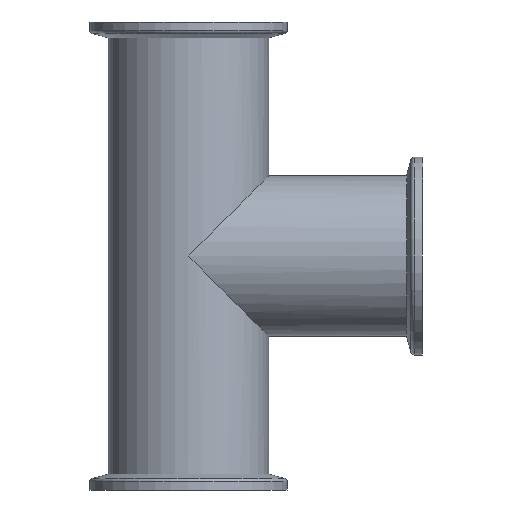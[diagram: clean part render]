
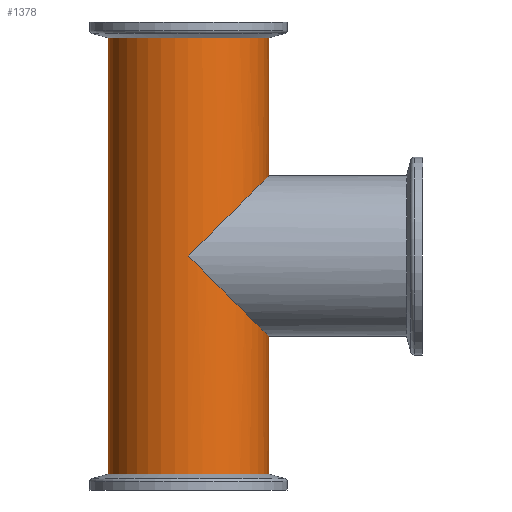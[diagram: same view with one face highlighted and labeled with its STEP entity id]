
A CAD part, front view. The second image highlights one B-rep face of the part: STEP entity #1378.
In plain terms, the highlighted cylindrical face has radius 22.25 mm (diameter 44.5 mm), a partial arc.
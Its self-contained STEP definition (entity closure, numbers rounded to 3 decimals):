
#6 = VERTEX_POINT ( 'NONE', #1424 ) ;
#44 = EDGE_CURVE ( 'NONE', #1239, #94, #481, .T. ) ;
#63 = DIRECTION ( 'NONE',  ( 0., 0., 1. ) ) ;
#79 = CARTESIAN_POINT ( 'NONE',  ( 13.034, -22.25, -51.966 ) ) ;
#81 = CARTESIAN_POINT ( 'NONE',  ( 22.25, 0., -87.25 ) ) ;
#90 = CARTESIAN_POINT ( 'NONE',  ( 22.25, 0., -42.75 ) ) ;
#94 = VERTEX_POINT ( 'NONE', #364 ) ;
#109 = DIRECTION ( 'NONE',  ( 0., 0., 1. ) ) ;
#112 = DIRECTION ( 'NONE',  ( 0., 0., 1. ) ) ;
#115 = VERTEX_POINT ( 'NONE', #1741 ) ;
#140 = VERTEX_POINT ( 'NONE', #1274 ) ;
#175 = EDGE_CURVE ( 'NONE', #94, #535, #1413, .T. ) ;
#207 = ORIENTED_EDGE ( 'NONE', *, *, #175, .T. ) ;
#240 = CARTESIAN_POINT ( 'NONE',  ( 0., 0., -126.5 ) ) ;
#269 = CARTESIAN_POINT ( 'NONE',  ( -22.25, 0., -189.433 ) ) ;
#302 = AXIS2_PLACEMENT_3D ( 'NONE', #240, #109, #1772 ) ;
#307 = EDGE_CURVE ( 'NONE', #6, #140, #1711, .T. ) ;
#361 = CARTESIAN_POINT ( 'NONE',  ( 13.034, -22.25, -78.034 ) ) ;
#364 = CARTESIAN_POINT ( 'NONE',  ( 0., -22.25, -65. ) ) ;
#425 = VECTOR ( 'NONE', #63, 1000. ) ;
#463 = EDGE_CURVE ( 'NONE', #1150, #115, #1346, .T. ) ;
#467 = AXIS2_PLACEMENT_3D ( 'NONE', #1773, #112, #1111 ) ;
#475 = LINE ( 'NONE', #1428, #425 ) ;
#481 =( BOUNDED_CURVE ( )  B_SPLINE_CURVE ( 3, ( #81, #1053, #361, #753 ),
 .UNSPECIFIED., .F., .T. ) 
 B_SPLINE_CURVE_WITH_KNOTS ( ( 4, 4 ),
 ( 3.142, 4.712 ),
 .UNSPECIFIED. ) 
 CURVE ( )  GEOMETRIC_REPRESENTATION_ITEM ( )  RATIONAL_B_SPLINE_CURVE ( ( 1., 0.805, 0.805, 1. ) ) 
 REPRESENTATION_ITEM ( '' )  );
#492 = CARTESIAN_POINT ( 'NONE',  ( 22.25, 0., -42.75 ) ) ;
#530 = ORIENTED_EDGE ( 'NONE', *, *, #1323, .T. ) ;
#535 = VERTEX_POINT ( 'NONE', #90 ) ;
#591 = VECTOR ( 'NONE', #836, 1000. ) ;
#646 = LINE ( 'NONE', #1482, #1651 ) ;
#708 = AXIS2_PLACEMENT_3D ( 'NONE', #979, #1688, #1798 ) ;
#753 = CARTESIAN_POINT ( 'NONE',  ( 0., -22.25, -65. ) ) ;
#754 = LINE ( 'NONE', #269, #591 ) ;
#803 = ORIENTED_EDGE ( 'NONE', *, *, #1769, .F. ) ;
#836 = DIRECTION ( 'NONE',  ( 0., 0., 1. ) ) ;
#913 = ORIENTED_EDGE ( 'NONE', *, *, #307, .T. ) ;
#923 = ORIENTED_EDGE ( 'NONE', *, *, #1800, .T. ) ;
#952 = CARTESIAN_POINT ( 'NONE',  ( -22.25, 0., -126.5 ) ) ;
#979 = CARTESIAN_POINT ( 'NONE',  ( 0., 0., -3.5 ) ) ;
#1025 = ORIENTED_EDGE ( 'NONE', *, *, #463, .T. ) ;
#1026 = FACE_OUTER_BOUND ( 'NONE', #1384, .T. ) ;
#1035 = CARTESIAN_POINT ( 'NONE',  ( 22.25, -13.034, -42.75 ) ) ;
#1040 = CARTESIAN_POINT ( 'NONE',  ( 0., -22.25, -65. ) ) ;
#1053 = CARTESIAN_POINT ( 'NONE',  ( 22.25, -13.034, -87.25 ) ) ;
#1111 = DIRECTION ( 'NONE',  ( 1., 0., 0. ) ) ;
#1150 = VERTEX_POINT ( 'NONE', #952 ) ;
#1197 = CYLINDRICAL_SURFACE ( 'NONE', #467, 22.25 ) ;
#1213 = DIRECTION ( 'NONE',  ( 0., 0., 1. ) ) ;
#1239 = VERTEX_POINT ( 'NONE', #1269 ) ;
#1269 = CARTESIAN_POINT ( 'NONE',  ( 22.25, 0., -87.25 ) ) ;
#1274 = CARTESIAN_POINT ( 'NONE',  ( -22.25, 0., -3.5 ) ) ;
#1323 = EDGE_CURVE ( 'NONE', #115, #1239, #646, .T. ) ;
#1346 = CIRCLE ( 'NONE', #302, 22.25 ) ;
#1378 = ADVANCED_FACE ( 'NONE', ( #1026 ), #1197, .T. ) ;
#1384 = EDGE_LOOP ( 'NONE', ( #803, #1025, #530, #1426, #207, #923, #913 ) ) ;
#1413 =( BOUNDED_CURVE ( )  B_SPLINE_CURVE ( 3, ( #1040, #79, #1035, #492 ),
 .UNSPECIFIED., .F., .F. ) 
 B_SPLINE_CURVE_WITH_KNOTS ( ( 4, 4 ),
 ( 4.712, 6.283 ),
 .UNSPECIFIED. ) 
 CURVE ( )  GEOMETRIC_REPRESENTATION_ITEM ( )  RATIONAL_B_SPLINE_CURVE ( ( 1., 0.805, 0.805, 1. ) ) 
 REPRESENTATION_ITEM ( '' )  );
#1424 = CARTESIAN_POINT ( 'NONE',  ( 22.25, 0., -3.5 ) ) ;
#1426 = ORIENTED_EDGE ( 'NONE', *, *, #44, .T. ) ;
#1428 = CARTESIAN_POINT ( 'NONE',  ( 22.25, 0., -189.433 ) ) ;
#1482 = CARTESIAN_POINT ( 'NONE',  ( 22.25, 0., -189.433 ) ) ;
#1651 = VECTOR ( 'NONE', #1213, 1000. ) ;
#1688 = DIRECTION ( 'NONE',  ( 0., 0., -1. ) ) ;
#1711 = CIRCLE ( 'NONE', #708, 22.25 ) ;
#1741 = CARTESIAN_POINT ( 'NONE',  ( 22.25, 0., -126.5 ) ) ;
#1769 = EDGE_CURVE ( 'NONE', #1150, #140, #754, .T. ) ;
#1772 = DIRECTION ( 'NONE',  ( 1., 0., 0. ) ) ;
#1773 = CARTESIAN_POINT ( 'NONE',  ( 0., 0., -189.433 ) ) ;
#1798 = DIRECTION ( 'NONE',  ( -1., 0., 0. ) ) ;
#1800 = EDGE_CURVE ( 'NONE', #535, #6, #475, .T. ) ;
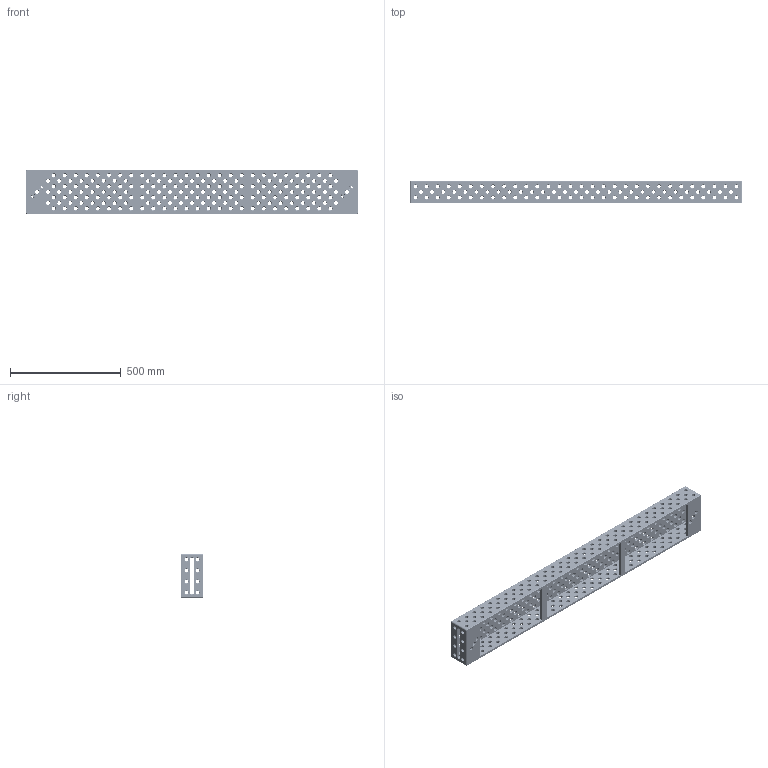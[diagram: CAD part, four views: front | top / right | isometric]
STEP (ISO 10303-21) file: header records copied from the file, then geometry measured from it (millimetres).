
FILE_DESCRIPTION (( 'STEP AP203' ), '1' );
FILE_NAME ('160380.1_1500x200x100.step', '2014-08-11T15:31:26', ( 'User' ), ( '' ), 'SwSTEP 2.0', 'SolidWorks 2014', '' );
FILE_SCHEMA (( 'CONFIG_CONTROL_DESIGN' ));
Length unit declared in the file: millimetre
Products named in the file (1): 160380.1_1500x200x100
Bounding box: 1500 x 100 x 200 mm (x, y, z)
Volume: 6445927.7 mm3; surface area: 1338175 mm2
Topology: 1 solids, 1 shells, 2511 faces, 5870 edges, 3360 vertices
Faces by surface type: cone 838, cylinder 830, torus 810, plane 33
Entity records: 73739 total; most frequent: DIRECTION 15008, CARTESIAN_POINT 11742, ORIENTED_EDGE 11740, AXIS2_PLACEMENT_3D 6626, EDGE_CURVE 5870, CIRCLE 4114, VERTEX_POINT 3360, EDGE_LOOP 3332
####################
From the material above, set down exactly the lines starting at the one with "#94 = VERTEX_POINT ( 'NONE', #364 ) ;" and ending at the one with "#240 = CARTESIAN_POINT", end lines included.

- _ANSWER SPACE_:
#94 = VERTEX_POINT ( 'NONE', #364 ) ;
#109 = DIRECTION ( 'NONE',  ( 0., 0., 1. ) ) ;
#112 = DIRECTION ( 'NONE',  ( 0., 0., 1. ) ) ;
#115 = VERTEX_POINT ( 'NONE', #1741 ) ;
#140 = VERTEX_POINT ( 'NONE', #1274 ) ;
#175 = EDGE_CURVE ( 'NONE', #94, #535, #1413, .T. ) ;
#207 = ORIENTED_EDGE ( 'NONE', *, *, #175, .T. ) ;
#240 = CARTESIAN_POINT ( 'NONE',  ( 0., 0., -126.5 ) ) ;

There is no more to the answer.